* _Goal of the exercise_
All of the entries need to be printed again exactly; pictures are the only thing to omit.

* _Records supplied_
==========

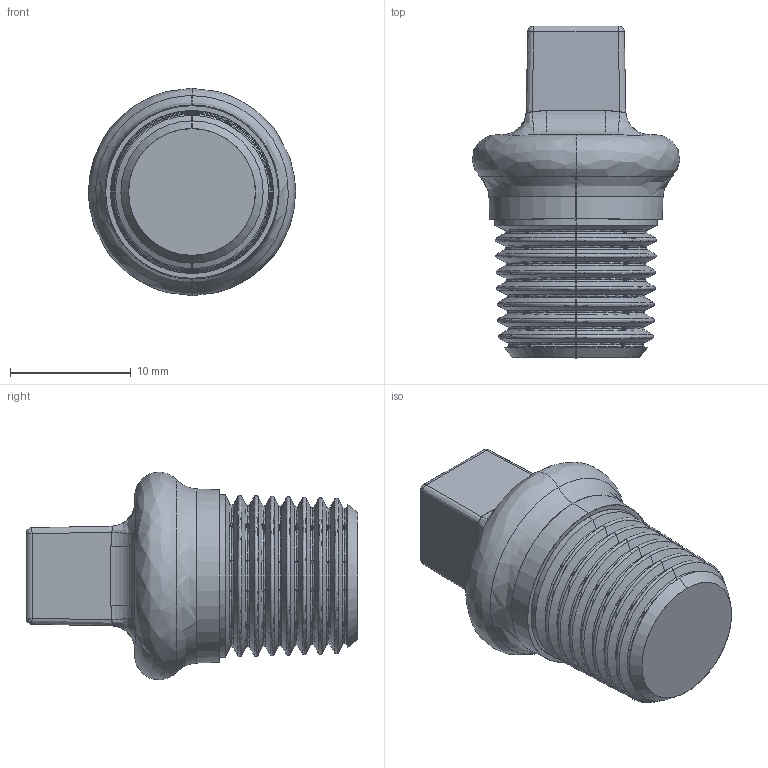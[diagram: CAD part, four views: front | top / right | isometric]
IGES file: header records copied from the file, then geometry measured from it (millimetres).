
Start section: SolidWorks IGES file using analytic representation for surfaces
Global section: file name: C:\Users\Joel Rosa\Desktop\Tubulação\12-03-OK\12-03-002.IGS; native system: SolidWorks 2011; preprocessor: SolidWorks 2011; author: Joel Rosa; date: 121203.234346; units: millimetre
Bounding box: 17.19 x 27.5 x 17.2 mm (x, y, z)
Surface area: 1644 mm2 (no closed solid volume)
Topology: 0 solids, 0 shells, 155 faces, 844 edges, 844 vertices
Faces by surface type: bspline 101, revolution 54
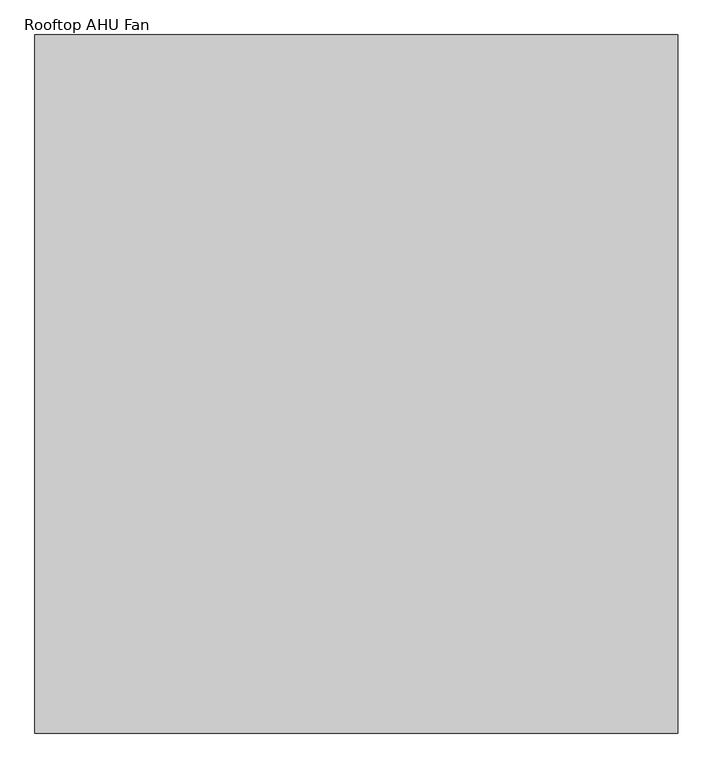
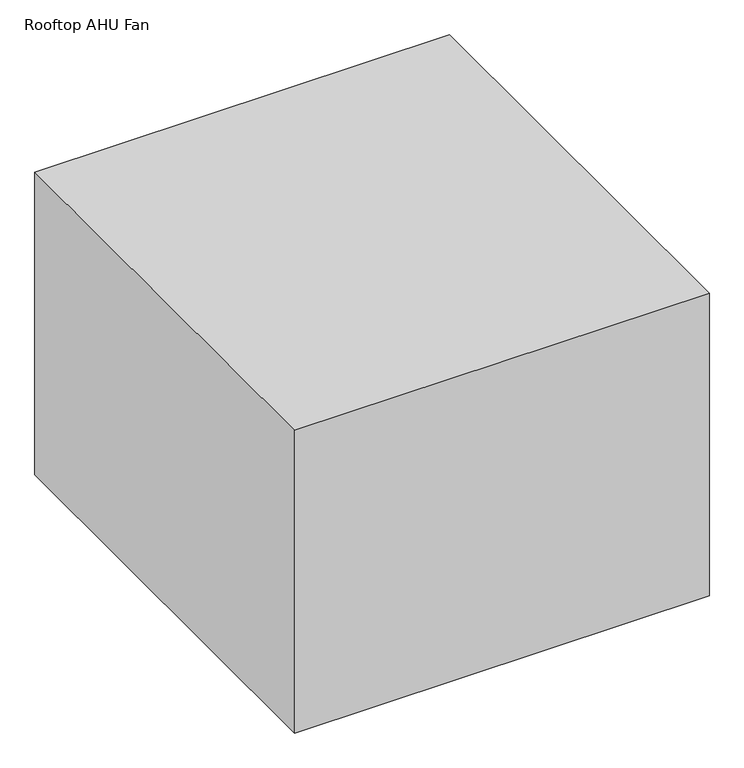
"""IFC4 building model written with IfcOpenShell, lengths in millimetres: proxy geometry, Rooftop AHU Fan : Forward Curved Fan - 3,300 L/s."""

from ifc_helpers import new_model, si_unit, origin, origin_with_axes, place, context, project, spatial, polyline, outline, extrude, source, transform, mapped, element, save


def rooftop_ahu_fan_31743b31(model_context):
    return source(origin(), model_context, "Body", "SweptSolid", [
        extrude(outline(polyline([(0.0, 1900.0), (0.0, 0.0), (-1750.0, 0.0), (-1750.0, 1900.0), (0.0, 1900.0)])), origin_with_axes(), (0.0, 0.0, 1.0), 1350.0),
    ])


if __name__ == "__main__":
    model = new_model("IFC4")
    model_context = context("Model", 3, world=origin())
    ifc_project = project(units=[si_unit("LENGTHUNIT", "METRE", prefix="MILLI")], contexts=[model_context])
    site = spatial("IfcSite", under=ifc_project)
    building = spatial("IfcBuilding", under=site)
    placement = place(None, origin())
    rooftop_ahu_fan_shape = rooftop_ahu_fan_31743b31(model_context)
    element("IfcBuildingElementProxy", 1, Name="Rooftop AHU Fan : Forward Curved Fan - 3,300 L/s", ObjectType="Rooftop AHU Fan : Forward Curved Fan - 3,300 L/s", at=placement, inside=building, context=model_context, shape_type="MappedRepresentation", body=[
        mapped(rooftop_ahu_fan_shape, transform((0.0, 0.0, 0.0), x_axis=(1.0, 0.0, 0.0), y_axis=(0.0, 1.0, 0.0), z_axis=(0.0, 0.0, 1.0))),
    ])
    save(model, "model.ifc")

==========

* _The answer_
[diagram: CAD part, four views: front | top / right | isometric]
IGES file: header records copied from the file, then geometry measured from it (millimetres).
Start section: SolidWorks IGES file using analytic representation for surfaces
Global section: file name: C:\Users\Joel Rosa\Desktop\Tubulação\12-03-OK\12-03-002.IGS; native system: SolidWorks 2011; preprocessor: SolidWorks 2011; author: Joel Rosa; date: 121203.234346; units: millimetre
Bounding box: 17.19 x 27.5 x 17.2 mm (x, y, z)
Surface area: 1644 mm2 (no closed solid volume)
Topology: 0 solids, 0 shells, 155 faces, 844 edges, 844 vertices
Faces by surface type: bspline 101, revolution 54
"""IFC4 building model written with IfcOpenShell, lengths in millimetres: proxy geometry, Rooftop AHU Fan : Forward Curved Fan - 3,300 L/s."""

from ifc_helpers import new_model, si_unit, origin, origin_with_axes, place, context, project, spatial, polyline, outline, extrude, source, transform, mapped, element, save


def rooftop_ahu_fan_31743b31(model_context):
    return source(origin(), model_context, "Body", "SweptSolid", [
        extrude(outline(polyline([(0.0, 1900.0), (0.0, 0.0), (-1750.0, 0.0), (-1750.0, 1900.0), (0.0, 1900.0)])), origin_with_axes(), (0.0, 0.0, 1.0), 1350.0),
    ])


if __name__ == "__main__":
    model = new_model("IFC4")
    model_context = context("Model", 3, world=origin())
    ifc_project = project(units=[si_unit("LENGTHUNIT", "METRE", prefix="MILLI")], contexts=[model_context])
    site = spatial("IfcSite", under=ifc_project)
    building = spatial("IfcBuilding", under=site)
    placement = place(None, origin())
    rooftop_ahu_fan_shape = rooftop_ahu_fan_31743b31(model_context)
    element("IfcBuildingElementProxy", 1, Name="Rooftop AHU Fan : Forward Curved Fan - 3,300 L/s", ObjectType="Rooftop AHU Fan : Forward Curved Fan - 3,300 L/s", at=placement, inside=building, context=model_context, shape_type="MappedRepresentation", body=[
        mapped(rooftop_ahu_fan_shape, transform((0.0, 0.0, 0.0), x_axis=(1.0, 0.0, 0.0), y_axis=(0.0, 1.0, 0.0), z_axis=(0.0, 0.0, 1.0))),
    ])
    save(model, "model.ifc")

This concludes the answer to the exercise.